If you ask me, box vents are more fussy to install (and shingle around) vs ridge vents, and they don't give you as much ventilation area as you think. In your case, the box vents you're being quoted for actually have a circular opening of about 8" diameter (on the bottom) and the perforated area on the outer side may not add up to a whole lot of actual ventilation area.
http://www.lomanco.com/index.php/vents/static-roof-vents
Your vents have a specified ventilation opening or area of 50 square inches. Every running foot of ridge venting will give you between about 24 quare inches ventilation (about an inch worth on two sides) and be faster to install - but I don't know about the cost of ridge venting.

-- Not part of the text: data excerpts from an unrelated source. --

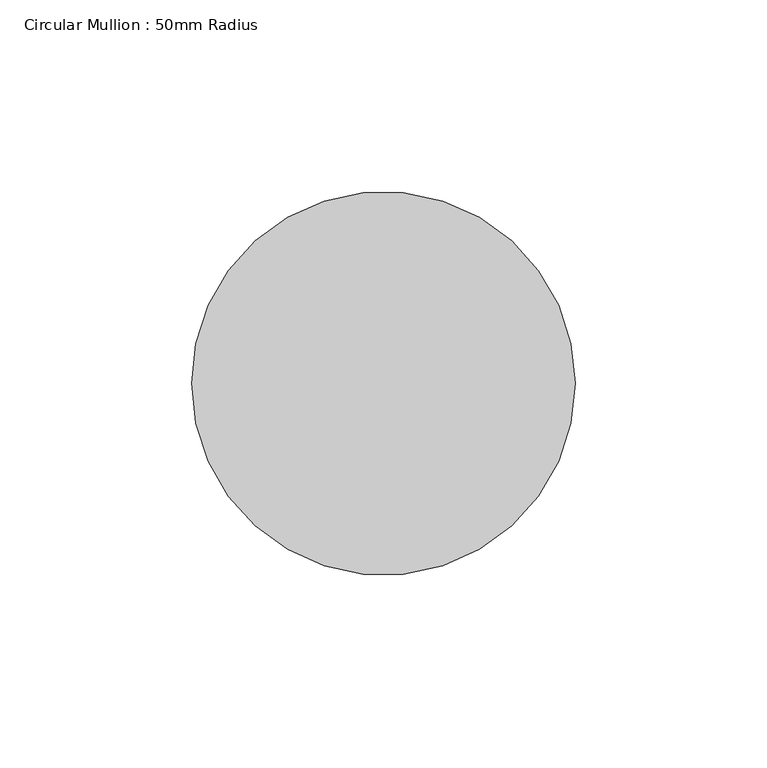
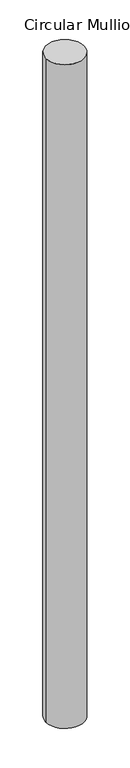
"""IFC4 building model written with IfcOpenShell, lengths in millimetres: member geometry, Circular Mullion : 50mm Radius."""

from ifc_helpers import new_model, si_unit, point, frame, origin, origin_2d, place, context, project, spatial, circle_curve, trimmed, segment, composite_curve, outline, extrude, source, transform, mapped, element, save


def circular_mullion_50mm_radius_5fb068b1(model_context):
    return source(origin(), model_context, "Body", "SweptSolid", [
        extrude(outline(composite_curve([segment(trimmed(circle_curve(origin_2d(), 50.0), [point((50.0, 0.0))], [point((-50.0, 0.0))], False, "CARTESIAN"), True, "CONTINUOUS"), segment(trimmed(circle_curve(origin_2d(), 50.0), [point((-50.0, 0.0))], [point((50.0, 0.0))], False, "CARTESIAN"), True, "CONTINUOUS")], self_intersect=False)), frame((0.0, 0.0, -1847.4795039), z_axis=(0.0, 0.0, 1.0), x_axis=(1.0, 0.0, 0.0)), (0.0, 0.0, 1.0), 1847.4795039),
    ])


if __name__ == "__main__":
    model = new_model("IFC4")
    model_context = context("Model", 3, world=origin())
    ifc_project = project(units=[si_unit("LENGTHUNIT", "METRE", prefix="MILLI")], contexts=[model_context])
    site = spatial("IfcSite", under=ifc_project)
    building = spatial("IfcBuilding", under=site)
    placement = place(None, origin())
    circular_mullion_50mm_radius_shape = circular_mullion_50mm_radius_5fb068b1(model_context)
    element("IfcMember", 1, ObjectType="Circular Mullion : 50mm Radius", at=placement, inside=building, context=model_context, shape_type="MappedRepresentation", body=[
        mapped(circular_mullion_50mm_radius_shape, transform((0.0, 0.0, 0.0), x_axis=(1.0, 0.0, 0.0), y_axis=(0.0, 1.0, 0.0), z_axis=(0.0, 0.0, 1.0))),
    ])
    save(model, "model.ifc")

# Revit data of these elements
# Type "Circular Mullion : 50mm Radius"
#   built-in parameter 1007350 = 0.164042 (stored number, unit not read)
# Element 1 (IfcMember, "Circular Mullion : 50mm Radius")
#   Materials on its faces: "Aluminium"
# Materials
#   "Aluminium": class "Metal", colour RGB 247 247 247, transparency 0, Description = "Aluminium 6061", Cost = 0

Your aluminum Lorenco vents come in a box of 6, and can be had for as little as $20 for a box if this ebay vendor is any example:
http://www.ebay .com/itm/140627349384
Bottom line is that a ridge vent is very easy to install, and gives more ventilation capability and more even ventilation than box vents.
However, be aware of this:
Summer is notorious for having hot days WITH LITTLE OR NO WIND.
Any passive vent system really needs a good wind to help ventilate your roof. So you might (or should) consider not having too much passive venting AND have some power vent fans.
Going with the lightest-colored shingles you can manage is also better than dark shingles.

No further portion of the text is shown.